# Whisper Filters Wondering If I This Is Ok To Do



## Joe.G (Dec 20, 2010)

Hi, I am using two Whisper filters at the moment, Could I take out either the bio part or the the filter pad it self, when the filter is turned up all the way the water will flow over filter and makes a lot of noise as the water fits the tank water.


----------



## sadboy (Jan 6, 2005)

IMHO, I have never been a fan of hanging filters. Why not change to a canister filter.


----------



## FEEFA (Nov 19, 2007)

sadboy said:


> IMHO, I have never been a fan of hanging filters. *Why not change to a canister filter.
> *


----------



## Joe.G (Dec 20, 2010)

Divorced father of two, extra funds are not there for a canister at the moment, just brought a new house and redid the whole thing.


----------



## Tensa (Jul 28, 2008)

im not really clear on the issue your having but if it is making too much noise you can lift the intake tube up a little to limit the flow which will quiet it down a lot. i do this from time to time for various reasons. hopefully that helps.


----------



## MPG (Mar 14, 2010)

Yeah I don't understand either.

Keep the bio and filter pad in, and if the water noise is too much, add in more water.


----------



## CLUSTER ONE (Aug 2, 2006)

Can you read over the orignal post as some parts don't make sense.

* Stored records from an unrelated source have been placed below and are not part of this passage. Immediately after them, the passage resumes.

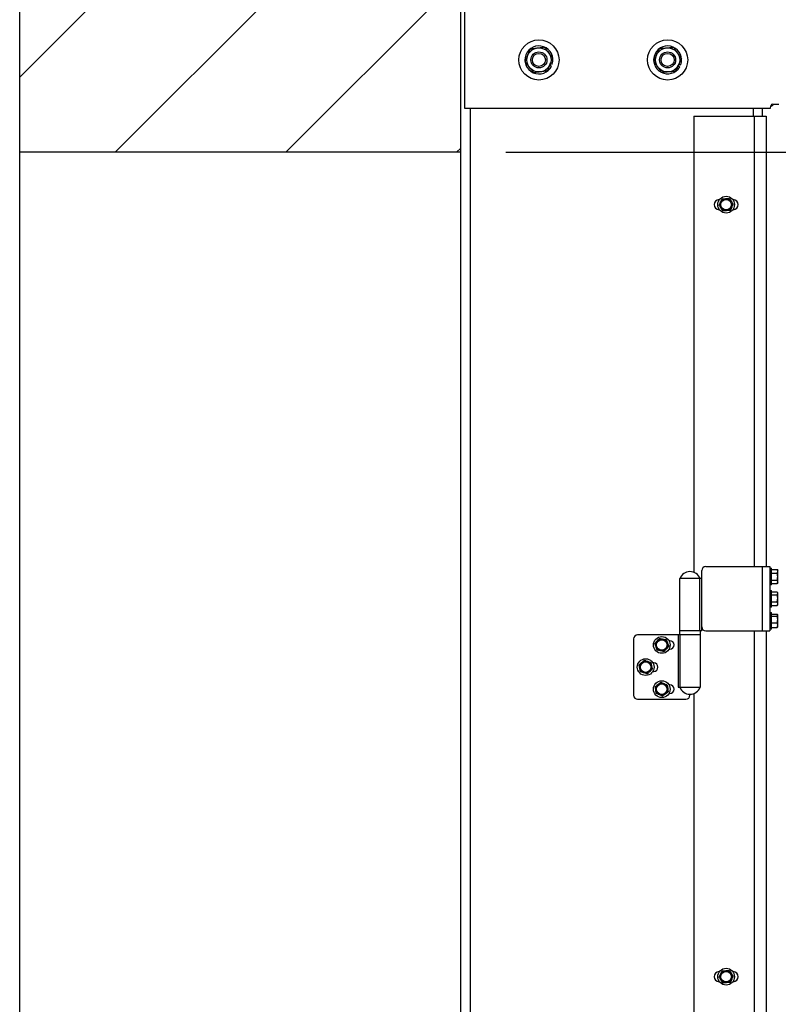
# Model space of a CAD drawing. Header units: inches. Extents: x 170 to 288, y 234 to 248.
# Tile 322 of 480: x 233.621 to 234.407, y 243.261 to 244.281. Entities that reach past the tile are written whole.
import ezdxf

# ---------------------------------------------------------------- set-up
doc = ezdxf.new("R2010")
doc.units = ezdxf.units.IN
doc.header["$LTSCALE"] = 0.25
doc.header["$MEASUREMENT"] = 0
doc.layers.add('ANNOTATIONS', color=1, linetype='Continuous')
doc.layers.add('STANDARD Z GUIDE MOTOR LH', color=7, linetype='Continuous')
doc.styles.add('ARIAL', font='arial.ttf', dxfattribs={"height": 0.09375})
doc.dimstyles.new('STANDARD$0', dxfattribs={"dimtxt": 0.09375, "dimasz": 0.09375, "dimexe": 0.03125, "dimexo": 0.046875, "dimgap": 0.09, "dimtad": 0, "dimtih": 1, "dimtoh": 1, "dimdec": 4, "dimzin": 0, "dimdsep": 46, "dimtxsty": 'ARIAL', "dimcen": 0.09, "dimadec": 0, "dimazin": 0, "dimtfac": 1, "dimtdec": 4, "dimtofl": 0, "dimtmove": 0, "dimatfit": 1, "dimfxl": 1, "dimtolj": 1, "dimtzin": 0, "dimarcsym": 0})

# ---------------------------------------------------------------- blocks, each defined once
blk = doc.blocks.new('*D51')
at = {"layer": 'ANNOTATIONS', "color": 0, "lineweight": -2, "transparency": 16777216}
for p, q in [((234.1246, 244.1438), (235.8396, 244.1438)), ((235.8083, 244.05), (235.8083, 242.2801)), ((235.8083, 240.2332), (235.8083, 242.0031)), ((234.5309, 240.1394), (235.8396, 240.1394))]:
    blk.add_line(p, q, dxfattribs=at)
at = {"layer": 'ANNOTATIONS', "color": 0, "transparency": 16777216}
for points in [[(235.7927, 244.05), (235.8239, 244.05), (235.8083, 244.1438)], [(235.7927, 240.2332), (235.8239, 240.2332), (235.8083, 240.1394)]]:
    blk.add_solid(points, dxfattribs=at)
at = {"layer": 'defpoints', "color": 0, "transparency": 16777216}
for p in [(234.0777, 244.1438), (235.8083, 244.1438), (234.484, 240.1394)]:
    blk.add_point(p, dxfattribs=at)
at = {"layer": 'ANNOTATIONS', "color": 0, "transparency": 16777216, "insert": (235.8083, 242.1416), "char_height": 0.09375, "attachment_point": 5, "style": 'ARIAL'}
blk.add_mtext('\\A1;OPENING HEIGHT', dxfattribs=at)
blk = doc.blocks.new('*D52')
at = {"layer": 'ANNOTATIONS', "color": 0, "lineweight": -2, "transparency": 16777216}
for p, q in [((235.2413, 245.1923), (235.8396, 245.1923)), ((235.8083, 245.0986), (235.8083, 244.8066)), ((235.8083, 244.2375), (235.8083, 244.5295)), ((234.1246, 244.1438), (235.8396, 244.1438))]:
    blk.add_line(p, q, dxfattribs=at)
at = {"layer": 'ANNOTATIONS', "color": 0, "transparency": 16777216}
for points in [[(235.7927, 245.0986), (235.8239, 245.0986), (235.8083, 245.1923)], [(235.7927, 244.2375), (235.8239, 244.2375), (235.8083, 244.1438)]]:
    blk.add_solid(points, dxfattribs=at)
at = {"layer": 'defpoints', "color": 0, "transparency": 16777216}
for p in [(235.1944, 245.1923), (235.8083, 245.1923), (234.0777, 244.1438)]:
    blk.add_point(p, dxfattribs=at)
at = {"layer": 'ANNOTATIONS', "color": 0, "transparency": 16777216, "insert": (235.8083, 244.6681), "char_height": 0.09375, "attachment_point": 5, "style": 'ARIAL'}
blk.add_mtext('\\A1;HEADROOM', dxfattribs=at)

msp = doc.modelspace()

# ---------------------------------------------------------------- hatches: boundary and pattern name
at = {"layer": 'STANDARD Z GUIDE MOTOR LH'}
h = msp.add_hatch(dxfattribs=at)
h.set_pattern_fill('ANSI31', color=256)
h.set_pattern_definition([(45, (49.32658, 3e-14), (-0.08838835, 0.08838835), [])])
h.paths.add_polyline_path([(234.07775, 245.57528), (233.89573, 245.57528), (233.89573, 245.50658), (233.85731, 245.63994), (233.85731, 245.57528), (233.62082, 245.57528), (233.62082, 244.14378), (234.07775, 244.14378)])

# ---------------------------------------------------------------- linework, layer by layer
for p, q in [((233.62082, 240.13944), (233.62082, 245.57528)), ((234.07775, 240.13944), (234.07775, 245.57528)), ((234.08171, 245.18944), (234.08171, 244.18944)), ((234.17004, 244.23389), (234.17178, 244.23303)), ((234.17077, 244.23572), (234.17263, 244.23514)), ((234.30299, 244.23318), (234.30468, 244.23221)), ((234.30384, 244.23496), (234.30566, 244.23426)), ((234.08171, 244.18944), (234.3988, 244.18944)), ((234.08738, 244.18944), (234.08738, 240.13944)), ((234.38061, 244.18944), (234.38061, 244.18111)), ((234.39025, 244.18944), (234.39025, 244.18111)), ((234.3988, 244.18944), (234.3988, 244.19013)), ((234.39911, 244.19111), (234.39911, 244.19194)), ((234.40078, 244.19361), (234.40743, 244.19361)), ((234.31941, 244.18111), (234.39421, 244.18111)), ((234.31941, 244.18111), (234.31941, 243.70842)), ((234.38191, 244.18111), (234.38191, 243.71444)), ((234.39421, 244.18111), (234.39421, 243.71444)), ((234.07775, 244.14378), (233.62082, 244.14378)), ((234.34582, 244.09465), (234.34546, 244.09465)), ((234.34866, 244.09539), (234.35225, 244.09567)), ((234.35585, 244.09596), (234.3579, 244.09299)), ((234.36004, 244.09465), (234.35968, 244.09465)), ((234.34546, 244.08424), (234.34582, 244.08424)), ((234.34965, 244.08293), (234.3476, 244.0859)), ((234.35684, 244.0835), (234.35324, 244.08321)), ((234.35968, 244.08424), (234.36004, 244.08424)), ((234.32755, 243.64778), (234.32755, 243.71028)), ((234.33171, 243.71444), (234.39818, 243.71444)), ((234.39005, 243.71444), (234.39005, 243.64778)), ((234.39818, 243.71444), (234.39818, 243.64778)), ((234.39818, 243.71269), (234.39985, 243.71269)), ((234.39985, 243.69536), (234.39985, 243.71269)), ((234.39985, 243.71124), (234.40562, 243.71124)), ((234.39985, 243.70758), (234.40562, 243.70758)), ((234.40562, 243.71124), (234.40618, 243.71028)), ((234.40562, 243.70758), (234.40618, 243.70941)), ((234.40618, 243.69778), (234.40618, 243.71028)), ((234.30472, 243.64361), (234.30472, 243.70194)), ((234.32755, 243.70194), (234.30472, 243.70194)), ((234.32555, 243.64778), (234.32555, 243.70194)), ((234.39985, 243.69536), (234.39818, 243.69536)), ((234.39985, 243.70037), (234.40562, 243.70037)), ((234.39985, 243.69681), (234.40562, 243.69681)), ((234.40562, 243.69681), (234.40618, 243.69859)), ((234.40618, 243.69778), (234.40562, 243.69681)), ((234.39818, 243.68978), (234.39985, 243.68978)), ((234.39985, 243.67244), (234.39985, 243.68978)), ((234.39985, 243.6883), (234.40562, 243.6883)), ((234.39985, 243.68524), (234.40562, 243.68524)), ((234.40562, 243.68524), (234.40618, 243.68677)), ((234.40578, 243.68805), (234.40579, 243.68805)), ((234.40579, 243.68805), (234.40618, 243.68736)), ((234.40618, 243.67486), (234.40618, 243.68736)), ((234.39985, 243.67805), (234.40562, 243.67805)), ((234.40562, 243.67392), (234.40618, 243.67598)), ((234.40618, 243.67486), (234.40579, 243.67418)), ((234.39985, 243.67244), (234.39818, 243.67244)), ((234.39818, 243.66686), (234.39985, 243.66686)), ((234.39985, 243.67392), (234.40562, 243.67392)), ((234.39985, 243.64953), (234.39985, 243.66686)), ((234.39985, 243.66523), (234.40562, 243.66523)), ((234.40573, 243.67421), (234.40562, 243.67392)), ((234.40598, 243.66479), (234.40599, 243.66478)), ((234.40599, 243.66478), (234.40618, 243.66444)), ((234.39985, 243.66311), (234.40562, 243.66311)), ((234.39985, 243.65608), (234.40562, 243.65608)), ((234.40562, 243.66311), (234.40618, 243.66417)), ((234.40618, 243.65194), (234.40618, 243.66444)), ((234.32755, 243.64778), (234.30472, 243.64778)), ((234.32572, 243.64778), (234.32572, 243.58944)), ((234.33171, 243.64778), (234.39818, 243.64778)), ((234.38191, 243.64778), (234.38191, 242.21778)), ((234.39421, 243.64778), (234.39421, 242.21778)), ((234.39985, 243.64953), (234.39818, 243.64953)), ((234.39985, 243.65116), (234.40562, 243.65116)), ((234.40562, 243.65116), (234.40618, 243.65362)), ((234.4059, 243.65166), (234.40562, 243.65116)), ((234.40599, 243.65161), (234.40598, 243.6516)), ((234.40618, 243.65194), (234.40599, 243.65161)), ((234.25689, 243.63944), (234.25689, 243.58111)), ((234.32572, 243.64361), (234.26106, 243.64361)), ((234.27894, 243.63441), (234.28125, 243.63719)), ((234.29067, 243.63875), (234.29192, 243.63536)), ((234.29439, 243.63761), (234.29351, 243.63761)), ((234.3029, 243.64361), (234.3029, 243.58944)), ((234.3049, 243.64361), (234.3049, 243.58944)), ((234.28145, 243.62764), (234.28019, 243.63103)), ((234.29317, 243.63198), (234.29086, 243.6292)), ((234.29351, 243.62878), (234.29439, 243.62878)), ((234.26252, 243.61248), (234.26519, 243.61491)), ((234.27473, 243.61513), (234.2755, 243.6116)), ((234.27772, 243.61469), (234.27685, 243.61469)), ((234.26405, 243.60543), (234.26328, 243.60895)), ((234.27626, 243.60808), (234.27359, 243.60565)), ((234.27685, 243.60586), (234.27772, 243.60586)), ((234.27942, 243.5902), (234.28231, 243.59236)), ((234.28028, 243.58303), (234.27985, 243.58661)), ((234.29269, 243.58453), (234.28981, 243.58236)), ((234.29183, 243.59169), (234.29226, 243.58811)), ((234.29439, 243.59178), (234.29351, 243.59178)), ((234.3029, 243.58944), (234.32572, 243.58944)), ((234.26106, 243.57694), (234.31106, 243.57694)), ((234.29351, 243.58294), (234.29439, 243.58294)), ((234.31522, 243.58111), (234.31522, 243.58215)), ((234.31941, 243.58297), (234.31941, 242.21176)), ((234.34582, 243.29465), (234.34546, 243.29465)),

Hi, I am using two Whisper filters at the moment, Could I take out either the bio part or the the filter pad it self, when the filter is turned up all the way the water will flow *over filter *Do you mean over the filter pad?and makes a lot of noise as the water *fits*fills? the *tank water*the tank?.

From what I have gottem is on high the water flows over the filter media back to the tank (or overflows the whole filter). If this is right your media may be clogged and in need of replacing so I ask how old is the filter pad?


----------



## sadboy (Jan 6, 2005)

Do you have a clog or is the noise a issue for you?


----------



## Joe.G (Dec 20, 2010)

Sorry guys for not being clear After a couple of days of having a new filter, the water cant get though the pad fast enough so it starts coming out around the intake tube and it then sounds like a water fall and I have water level all the way up.


----------



## sadboy (Jan 6, 2005)

Then check for a clog, something must be wrong that is causing this to happen. Are you using the right pad for you filter?


----------



## Joe.G (Dec 20, 2010)

Yes right pads and they dont appear dirty, I know there not a top quaity filter, I have two the new and the older version of same size filter, t\its the new one thats giveing me a problem.


----------



## Ægir (Jan 21, 2006)

If water is flowing out around the intake tube or over the top of the 2 pads, odds are they need to be washed out...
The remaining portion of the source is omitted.